Y Combinator abandons China program

Silicon Valley-based accelerator Y Combinator has terminated its recently launched China program citing a change in its US leadership.
YC China was set up in August last year with the recruitment of Qi Lu, a former group president and COO of Baidu, as CEO of the Beijing-based branch. Sam Altman, Y Combinator’s president at the time, said in a statement that the plan was “to build a long-term local organization that will combine the best of Silicon Valley and China.”
Altman was replaced earlier this year by Geoff Ralston, a former executive at Yahoo. “With this, our strategy changed back to our tried and true approach of supporting local and international start-ups from our headquarters in Silicon Valley,” the accelerator said in a recent blog post. “As a result, we decided that now is not the right time to run a new, country-specific version of Y Combinator.”
Qi, who has also filled executive positions at Yahoo and Microsoft, will continue to operate YC China as a separate entity under the name MiraclePlus.
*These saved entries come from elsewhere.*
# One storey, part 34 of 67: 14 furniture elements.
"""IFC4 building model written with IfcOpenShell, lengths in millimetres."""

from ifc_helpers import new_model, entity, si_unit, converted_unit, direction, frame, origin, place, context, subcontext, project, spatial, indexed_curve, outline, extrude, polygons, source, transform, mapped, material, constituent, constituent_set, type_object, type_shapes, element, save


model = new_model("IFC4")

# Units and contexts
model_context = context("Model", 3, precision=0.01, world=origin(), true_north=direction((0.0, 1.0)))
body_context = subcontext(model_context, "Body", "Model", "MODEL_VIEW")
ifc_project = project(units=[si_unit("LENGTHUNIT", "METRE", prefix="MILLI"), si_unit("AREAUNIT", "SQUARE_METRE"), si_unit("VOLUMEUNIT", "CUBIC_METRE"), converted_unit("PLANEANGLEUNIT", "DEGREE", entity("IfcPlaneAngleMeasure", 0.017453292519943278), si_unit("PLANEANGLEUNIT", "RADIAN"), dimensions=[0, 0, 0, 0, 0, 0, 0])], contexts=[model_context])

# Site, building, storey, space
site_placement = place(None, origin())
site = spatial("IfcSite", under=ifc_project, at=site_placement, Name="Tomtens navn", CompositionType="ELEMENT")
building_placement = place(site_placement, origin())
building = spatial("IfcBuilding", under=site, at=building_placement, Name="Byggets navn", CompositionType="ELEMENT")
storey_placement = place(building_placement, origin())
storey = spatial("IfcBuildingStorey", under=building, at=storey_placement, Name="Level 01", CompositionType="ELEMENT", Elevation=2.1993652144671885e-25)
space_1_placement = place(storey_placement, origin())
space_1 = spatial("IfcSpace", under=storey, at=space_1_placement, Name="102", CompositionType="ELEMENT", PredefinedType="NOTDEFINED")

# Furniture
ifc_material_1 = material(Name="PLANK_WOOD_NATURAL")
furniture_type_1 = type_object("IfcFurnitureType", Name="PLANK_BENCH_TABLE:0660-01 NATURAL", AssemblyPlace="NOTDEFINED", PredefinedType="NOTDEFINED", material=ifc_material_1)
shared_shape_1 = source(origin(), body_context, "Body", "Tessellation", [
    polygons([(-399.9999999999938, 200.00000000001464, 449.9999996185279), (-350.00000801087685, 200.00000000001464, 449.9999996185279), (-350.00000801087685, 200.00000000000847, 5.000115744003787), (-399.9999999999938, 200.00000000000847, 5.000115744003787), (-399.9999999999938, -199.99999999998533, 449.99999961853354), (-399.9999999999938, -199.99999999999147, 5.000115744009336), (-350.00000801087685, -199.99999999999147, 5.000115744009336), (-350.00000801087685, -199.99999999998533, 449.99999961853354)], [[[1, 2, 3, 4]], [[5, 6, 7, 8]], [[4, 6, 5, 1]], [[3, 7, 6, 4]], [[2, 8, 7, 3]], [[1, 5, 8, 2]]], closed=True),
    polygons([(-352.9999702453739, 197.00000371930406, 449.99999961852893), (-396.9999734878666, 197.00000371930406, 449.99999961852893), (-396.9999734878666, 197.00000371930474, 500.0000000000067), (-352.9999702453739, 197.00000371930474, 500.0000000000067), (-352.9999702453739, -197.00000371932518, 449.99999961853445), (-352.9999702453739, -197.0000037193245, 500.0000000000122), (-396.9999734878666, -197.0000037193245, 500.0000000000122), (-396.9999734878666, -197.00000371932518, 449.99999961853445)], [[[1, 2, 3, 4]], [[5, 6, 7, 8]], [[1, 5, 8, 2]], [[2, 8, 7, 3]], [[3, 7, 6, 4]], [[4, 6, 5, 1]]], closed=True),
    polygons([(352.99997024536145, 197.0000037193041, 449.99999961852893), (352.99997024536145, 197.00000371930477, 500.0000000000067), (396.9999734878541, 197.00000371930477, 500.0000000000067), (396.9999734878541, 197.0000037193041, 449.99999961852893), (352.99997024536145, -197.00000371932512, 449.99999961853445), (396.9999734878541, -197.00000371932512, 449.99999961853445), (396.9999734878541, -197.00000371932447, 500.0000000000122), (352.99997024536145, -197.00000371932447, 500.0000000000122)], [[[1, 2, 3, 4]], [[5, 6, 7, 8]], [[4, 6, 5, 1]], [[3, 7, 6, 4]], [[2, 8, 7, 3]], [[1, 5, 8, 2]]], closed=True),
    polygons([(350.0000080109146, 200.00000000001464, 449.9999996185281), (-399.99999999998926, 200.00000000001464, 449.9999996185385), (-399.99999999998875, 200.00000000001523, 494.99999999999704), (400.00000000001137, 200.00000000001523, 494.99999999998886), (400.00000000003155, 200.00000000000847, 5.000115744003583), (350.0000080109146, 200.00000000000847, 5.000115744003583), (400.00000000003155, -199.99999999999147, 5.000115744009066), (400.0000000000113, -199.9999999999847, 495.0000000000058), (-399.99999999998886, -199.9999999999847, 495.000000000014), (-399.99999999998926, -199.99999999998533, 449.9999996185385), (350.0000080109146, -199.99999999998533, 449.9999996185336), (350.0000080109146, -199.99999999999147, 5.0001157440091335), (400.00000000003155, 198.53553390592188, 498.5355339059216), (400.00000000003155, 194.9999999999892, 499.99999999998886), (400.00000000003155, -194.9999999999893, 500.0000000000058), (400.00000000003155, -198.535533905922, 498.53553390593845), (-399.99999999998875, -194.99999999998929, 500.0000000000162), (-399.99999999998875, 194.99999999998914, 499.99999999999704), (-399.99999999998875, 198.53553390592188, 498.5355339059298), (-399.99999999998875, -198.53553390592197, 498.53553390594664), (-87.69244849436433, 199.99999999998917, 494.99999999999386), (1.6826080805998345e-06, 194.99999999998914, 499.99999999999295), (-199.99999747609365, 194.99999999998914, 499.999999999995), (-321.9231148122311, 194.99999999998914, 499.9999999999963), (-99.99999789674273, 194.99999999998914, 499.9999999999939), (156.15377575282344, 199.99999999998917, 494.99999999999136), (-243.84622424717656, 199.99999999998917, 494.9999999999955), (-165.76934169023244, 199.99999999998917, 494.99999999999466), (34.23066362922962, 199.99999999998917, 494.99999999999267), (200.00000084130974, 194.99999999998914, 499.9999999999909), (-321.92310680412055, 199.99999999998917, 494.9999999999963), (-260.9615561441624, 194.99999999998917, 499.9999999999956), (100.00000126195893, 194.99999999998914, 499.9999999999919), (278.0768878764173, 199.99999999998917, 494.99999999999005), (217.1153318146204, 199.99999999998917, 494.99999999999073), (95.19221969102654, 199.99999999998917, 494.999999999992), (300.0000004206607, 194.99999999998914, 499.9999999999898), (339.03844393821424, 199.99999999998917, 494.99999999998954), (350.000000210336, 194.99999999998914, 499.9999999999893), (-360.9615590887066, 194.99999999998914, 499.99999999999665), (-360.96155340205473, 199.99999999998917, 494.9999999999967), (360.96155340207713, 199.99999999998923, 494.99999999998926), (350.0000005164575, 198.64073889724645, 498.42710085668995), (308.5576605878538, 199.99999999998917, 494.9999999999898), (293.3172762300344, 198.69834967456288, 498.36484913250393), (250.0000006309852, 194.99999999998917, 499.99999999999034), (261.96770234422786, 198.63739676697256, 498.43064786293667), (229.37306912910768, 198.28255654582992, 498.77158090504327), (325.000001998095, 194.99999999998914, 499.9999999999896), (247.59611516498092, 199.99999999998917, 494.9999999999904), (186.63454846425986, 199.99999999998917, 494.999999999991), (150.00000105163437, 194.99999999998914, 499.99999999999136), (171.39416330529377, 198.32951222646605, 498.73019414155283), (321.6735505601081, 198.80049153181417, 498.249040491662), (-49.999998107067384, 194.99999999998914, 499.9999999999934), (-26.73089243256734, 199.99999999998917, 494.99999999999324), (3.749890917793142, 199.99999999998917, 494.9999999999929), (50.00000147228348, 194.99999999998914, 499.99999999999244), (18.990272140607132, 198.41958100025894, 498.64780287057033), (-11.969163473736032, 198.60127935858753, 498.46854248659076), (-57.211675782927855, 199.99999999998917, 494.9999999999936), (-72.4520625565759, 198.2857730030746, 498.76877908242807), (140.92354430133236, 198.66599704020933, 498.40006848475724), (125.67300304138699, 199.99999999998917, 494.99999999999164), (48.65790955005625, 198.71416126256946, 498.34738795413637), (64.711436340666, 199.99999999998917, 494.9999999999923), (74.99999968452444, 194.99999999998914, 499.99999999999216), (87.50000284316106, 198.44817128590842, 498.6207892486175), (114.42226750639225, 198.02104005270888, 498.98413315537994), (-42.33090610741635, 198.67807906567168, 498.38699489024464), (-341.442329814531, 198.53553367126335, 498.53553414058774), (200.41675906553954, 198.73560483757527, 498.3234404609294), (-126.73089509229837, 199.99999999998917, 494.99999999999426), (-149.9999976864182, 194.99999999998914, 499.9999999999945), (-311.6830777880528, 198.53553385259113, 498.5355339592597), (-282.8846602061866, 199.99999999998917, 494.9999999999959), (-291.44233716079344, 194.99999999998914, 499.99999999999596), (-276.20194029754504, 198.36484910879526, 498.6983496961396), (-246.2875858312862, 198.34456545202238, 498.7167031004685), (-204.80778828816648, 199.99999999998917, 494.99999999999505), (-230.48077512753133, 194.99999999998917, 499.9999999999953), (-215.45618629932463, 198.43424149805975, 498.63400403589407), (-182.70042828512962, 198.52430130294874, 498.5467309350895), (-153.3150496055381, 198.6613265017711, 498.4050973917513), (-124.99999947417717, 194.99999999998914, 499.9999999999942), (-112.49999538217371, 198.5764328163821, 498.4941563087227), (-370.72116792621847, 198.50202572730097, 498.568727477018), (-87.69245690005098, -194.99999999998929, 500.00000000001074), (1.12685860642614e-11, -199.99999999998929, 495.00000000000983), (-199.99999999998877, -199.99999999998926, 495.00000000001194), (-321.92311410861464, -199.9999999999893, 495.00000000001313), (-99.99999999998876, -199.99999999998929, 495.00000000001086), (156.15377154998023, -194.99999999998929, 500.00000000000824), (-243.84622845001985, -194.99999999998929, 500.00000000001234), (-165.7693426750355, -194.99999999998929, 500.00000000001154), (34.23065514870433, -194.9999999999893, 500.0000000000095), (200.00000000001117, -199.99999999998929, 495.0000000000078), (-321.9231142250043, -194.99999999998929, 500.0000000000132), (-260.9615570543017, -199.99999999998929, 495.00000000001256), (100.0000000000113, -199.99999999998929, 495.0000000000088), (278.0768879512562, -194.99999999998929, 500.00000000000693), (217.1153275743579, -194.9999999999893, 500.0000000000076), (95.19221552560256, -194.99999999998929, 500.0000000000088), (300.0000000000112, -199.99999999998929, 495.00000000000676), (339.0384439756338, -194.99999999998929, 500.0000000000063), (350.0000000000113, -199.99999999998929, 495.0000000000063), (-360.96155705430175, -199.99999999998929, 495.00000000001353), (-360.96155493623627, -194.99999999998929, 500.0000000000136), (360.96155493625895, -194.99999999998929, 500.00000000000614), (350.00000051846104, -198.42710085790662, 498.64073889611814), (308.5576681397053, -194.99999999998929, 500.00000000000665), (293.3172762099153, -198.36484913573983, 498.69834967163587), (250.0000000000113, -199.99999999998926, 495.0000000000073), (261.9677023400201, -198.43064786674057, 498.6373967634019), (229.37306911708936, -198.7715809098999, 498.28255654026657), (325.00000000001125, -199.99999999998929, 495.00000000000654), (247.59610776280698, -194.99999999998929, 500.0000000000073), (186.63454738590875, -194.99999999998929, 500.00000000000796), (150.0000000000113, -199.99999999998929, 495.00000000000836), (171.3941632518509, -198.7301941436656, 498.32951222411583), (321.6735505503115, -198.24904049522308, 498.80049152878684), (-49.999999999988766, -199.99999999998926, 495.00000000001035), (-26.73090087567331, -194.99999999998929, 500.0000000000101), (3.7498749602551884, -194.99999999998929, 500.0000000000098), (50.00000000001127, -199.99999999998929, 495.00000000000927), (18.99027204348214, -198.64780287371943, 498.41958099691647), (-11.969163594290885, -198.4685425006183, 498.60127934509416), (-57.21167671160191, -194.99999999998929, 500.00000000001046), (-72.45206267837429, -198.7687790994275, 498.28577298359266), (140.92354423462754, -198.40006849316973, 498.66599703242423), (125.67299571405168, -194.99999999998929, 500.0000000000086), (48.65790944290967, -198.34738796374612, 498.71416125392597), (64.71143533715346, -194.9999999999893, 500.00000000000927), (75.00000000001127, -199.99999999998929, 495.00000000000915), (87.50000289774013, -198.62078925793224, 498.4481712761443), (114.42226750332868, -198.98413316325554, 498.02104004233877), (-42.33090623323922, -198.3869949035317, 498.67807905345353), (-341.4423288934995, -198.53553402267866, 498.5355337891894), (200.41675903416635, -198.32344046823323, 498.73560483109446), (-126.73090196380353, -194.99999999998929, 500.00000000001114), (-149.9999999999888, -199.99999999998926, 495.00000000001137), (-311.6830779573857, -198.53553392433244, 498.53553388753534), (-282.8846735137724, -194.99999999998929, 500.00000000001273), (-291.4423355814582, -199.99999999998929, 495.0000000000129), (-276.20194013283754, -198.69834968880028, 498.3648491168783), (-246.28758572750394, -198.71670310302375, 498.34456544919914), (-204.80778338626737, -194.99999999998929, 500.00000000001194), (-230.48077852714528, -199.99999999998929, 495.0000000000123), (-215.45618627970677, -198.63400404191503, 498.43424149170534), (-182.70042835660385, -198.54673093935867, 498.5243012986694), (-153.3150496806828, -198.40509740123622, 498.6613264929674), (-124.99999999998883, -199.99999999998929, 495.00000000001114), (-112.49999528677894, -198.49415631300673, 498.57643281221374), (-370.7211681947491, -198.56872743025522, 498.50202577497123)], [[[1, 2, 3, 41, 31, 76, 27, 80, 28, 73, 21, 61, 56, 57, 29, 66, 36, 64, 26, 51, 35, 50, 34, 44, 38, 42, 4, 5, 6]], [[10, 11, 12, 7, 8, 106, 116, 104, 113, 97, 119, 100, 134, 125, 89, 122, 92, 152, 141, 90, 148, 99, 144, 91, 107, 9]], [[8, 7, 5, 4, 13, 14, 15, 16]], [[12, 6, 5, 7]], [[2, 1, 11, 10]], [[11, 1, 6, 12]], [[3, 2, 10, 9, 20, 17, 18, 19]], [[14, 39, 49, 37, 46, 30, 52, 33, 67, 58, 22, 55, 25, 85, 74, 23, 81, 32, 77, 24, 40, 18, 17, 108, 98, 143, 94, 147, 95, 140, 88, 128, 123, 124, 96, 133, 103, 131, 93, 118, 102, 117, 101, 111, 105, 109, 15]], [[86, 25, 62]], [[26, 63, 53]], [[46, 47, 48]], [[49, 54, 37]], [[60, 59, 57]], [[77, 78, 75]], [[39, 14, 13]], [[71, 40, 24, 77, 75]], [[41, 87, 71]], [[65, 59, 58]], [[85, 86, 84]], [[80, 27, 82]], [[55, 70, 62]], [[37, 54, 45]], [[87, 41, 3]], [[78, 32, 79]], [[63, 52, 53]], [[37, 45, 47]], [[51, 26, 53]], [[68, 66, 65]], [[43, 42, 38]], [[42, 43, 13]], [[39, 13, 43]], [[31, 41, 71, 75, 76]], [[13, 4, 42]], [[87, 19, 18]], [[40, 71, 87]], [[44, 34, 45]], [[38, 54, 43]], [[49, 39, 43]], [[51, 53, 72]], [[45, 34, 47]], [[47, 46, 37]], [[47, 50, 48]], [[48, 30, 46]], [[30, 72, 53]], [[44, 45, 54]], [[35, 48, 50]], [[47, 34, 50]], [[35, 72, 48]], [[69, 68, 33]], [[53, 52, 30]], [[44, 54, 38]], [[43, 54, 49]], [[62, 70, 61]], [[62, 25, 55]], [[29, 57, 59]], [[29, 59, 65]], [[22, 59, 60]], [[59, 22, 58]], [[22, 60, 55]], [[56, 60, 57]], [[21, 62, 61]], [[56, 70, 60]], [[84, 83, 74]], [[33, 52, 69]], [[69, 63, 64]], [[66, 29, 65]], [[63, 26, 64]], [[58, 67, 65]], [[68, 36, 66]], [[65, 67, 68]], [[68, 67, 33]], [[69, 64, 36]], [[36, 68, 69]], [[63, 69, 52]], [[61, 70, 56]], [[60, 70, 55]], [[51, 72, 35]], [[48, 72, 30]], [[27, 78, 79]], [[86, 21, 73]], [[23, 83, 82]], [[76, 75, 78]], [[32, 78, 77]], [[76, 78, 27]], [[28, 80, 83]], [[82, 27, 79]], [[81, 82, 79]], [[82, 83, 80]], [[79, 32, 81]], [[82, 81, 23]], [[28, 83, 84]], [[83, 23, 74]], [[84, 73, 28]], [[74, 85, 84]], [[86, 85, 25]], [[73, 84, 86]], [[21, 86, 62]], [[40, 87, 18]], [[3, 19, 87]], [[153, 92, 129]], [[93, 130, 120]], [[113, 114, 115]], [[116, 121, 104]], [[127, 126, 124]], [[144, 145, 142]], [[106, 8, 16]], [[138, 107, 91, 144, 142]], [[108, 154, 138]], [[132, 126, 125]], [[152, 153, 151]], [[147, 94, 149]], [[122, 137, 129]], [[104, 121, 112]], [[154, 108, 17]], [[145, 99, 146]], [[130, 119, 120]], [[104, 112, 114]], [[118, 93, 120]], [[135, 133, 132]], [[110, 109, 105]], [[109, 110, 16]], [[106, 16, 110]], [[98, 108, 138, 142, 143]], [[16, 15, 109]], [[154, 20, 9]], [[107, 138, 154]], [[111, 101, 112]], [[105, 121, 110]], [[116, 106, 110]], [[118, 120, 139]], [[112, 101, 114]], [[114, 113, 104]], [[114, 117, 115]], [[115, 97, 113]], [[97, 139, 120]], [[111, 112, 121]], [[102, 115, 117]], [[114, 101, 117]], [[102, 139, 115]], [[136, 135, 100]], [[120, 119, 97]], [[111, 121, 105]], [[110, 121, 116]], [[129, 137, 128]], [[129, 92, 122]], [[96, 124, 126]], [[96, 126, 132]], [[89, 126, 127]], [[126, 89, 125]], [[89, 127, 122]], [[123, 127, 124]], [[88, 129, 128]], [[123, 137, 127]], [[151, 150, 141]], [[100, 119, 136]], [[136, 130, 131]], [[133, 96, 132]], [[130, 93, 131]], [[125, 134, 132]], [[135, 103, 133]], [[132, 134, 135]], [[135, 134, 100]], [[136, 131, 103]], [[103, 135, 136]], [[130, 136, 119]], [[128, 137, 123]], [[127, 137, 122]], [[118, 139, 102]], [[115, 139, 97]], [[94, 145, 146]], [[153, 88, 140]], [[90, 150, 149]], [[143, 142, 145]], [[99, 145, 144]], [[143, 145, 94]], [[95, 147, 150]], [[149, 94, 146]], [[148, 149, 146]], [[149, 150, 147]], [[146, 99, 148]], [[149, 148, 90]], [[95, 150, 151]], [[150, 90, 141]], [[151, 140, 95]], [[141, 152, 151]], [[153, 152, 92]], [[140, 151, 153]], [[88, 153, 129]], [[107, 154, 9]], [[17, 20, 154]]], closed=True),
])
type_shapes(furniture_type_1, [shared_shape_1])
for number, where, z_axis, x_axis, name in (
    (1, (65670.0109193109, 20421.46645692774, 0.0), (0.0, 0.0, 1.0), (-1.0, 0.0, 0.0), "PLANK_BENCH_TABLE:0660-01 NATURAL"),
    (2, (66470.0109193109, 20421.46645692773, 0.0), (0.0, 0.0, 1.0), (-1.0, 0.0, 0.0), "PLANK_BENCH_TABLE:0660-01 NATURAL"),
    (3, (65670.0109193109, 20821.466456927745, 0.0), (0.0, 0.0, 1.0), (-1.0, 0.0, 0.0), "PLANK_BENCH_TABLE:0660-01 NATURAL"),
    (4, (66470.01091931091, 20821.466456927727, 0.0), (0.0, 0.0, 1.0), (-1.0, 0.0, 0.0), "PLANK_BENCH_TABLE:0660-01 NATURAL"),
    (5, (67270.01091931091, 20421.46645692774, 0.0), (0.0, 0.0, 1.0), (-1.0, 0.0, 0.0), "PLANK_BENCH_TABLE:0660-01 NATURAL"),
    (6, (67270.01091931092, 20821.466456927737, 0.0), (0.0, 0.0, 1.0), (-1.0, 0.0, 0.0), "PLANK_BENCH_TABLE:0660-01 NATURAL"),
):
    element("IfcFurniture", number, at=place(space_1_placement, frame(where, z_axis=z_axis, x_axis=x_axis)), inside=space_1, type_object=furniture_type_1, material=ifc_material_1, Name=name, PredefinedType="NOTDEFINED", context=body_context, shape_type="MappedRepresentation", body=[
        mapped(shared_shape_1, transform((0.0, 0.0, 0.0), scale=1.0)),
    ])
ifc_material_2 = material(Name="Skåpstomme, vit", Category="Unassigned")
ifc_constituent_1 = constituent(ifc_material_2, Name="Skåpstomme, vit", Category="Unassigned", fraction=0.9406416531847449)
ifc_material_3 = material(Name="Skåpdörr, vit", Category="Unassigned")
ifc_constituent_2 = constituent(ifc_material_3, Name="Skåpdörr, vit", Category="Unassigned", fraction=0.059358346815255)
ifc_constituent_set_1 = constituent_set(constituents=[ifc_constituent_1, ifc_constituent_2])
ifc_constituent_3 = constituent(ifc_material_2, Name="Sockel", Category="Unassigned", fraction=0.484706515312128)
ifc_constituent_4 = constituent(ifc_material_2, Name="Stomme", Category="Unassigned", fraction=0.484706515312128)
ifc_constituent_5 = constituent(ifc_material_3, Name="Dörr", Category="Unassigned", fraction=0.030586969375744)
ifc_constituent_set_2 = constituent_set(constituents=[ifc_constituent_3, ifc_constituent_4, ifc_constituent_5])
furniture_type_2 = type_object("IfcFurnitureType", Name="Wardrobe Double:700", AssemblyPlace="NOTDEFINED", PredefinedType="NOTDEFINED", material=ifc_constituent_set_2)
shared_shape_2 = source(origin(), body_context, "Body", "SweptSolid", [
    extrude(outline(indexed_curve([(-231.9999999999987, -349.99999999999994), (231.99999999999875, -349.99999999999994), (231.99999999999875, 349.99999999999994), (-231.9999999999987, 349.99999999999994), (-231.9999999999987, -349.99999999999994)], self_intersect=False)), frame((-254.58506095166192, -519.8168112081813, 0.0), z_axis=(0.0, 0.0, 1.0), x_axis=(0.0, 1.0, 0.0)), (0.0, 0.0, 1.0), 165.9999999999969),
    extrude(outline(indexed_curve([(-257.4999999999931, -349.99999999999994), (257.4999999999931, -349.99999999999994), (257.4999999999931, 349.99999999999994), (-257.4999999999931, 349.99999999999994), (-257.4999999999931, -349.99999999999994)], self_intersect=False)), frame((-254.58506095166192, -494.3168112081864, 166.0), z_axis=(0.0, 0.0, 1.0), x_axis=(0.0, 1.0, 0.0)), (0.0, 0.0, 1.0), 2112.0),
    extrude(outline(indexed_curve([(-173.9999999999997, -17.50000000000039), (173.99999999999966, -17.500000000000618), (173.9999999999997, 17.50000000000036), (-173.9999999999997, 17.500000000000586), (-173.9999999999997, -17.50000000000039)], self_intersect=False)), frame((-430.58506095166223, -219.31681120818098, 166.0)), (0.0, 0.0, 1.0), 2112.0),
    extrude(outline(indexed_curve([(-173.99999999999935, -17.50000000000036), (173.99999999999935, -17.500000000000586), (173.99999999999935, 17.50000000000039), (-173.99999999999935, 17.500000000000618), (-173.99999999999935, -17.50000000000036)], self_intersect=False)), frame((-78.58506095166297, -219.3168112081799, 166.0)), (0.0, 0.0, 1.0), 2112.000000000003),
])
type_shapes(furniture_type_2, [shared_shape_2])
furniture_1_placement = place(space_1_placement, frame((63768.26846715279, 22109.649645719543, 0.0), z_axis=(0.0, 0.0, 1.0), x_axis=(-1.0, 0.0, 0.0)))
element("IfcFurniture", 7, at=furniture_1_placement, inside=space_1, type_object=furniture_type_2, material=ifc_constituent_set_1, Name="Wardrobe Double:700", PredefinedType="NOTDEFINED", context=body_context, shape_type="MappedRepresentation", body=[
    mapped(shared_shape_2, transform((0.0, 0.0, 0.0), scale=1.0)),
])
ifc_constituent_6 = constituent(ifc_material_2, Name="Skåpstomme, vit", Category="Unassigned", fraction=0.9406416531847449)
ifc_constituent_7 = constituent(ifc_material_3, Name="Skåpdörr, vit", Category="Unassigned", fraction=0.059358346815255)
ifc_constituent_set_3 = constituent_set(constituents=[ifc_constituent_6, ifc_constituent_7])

It coincides with the accelerator’s first demo day, which showcased 22 start-ups to more than 100 investors, as well as an ongoing fundraising effort. MiraclePlus’ debut had raised $55 million as of November 11, according to a regulatory filing.
Founded in 2005, Y Combinator is widely credited with pioneering the for-profit accelerator model, with some of the standout investees including Airbnb and Dropbox. Its sudden abandonment of a Chinese expansion has been widely interpreted as a reaction to growing uncertainties around the political complexities of US-China economic relations, including an unwinding of technological cooperation.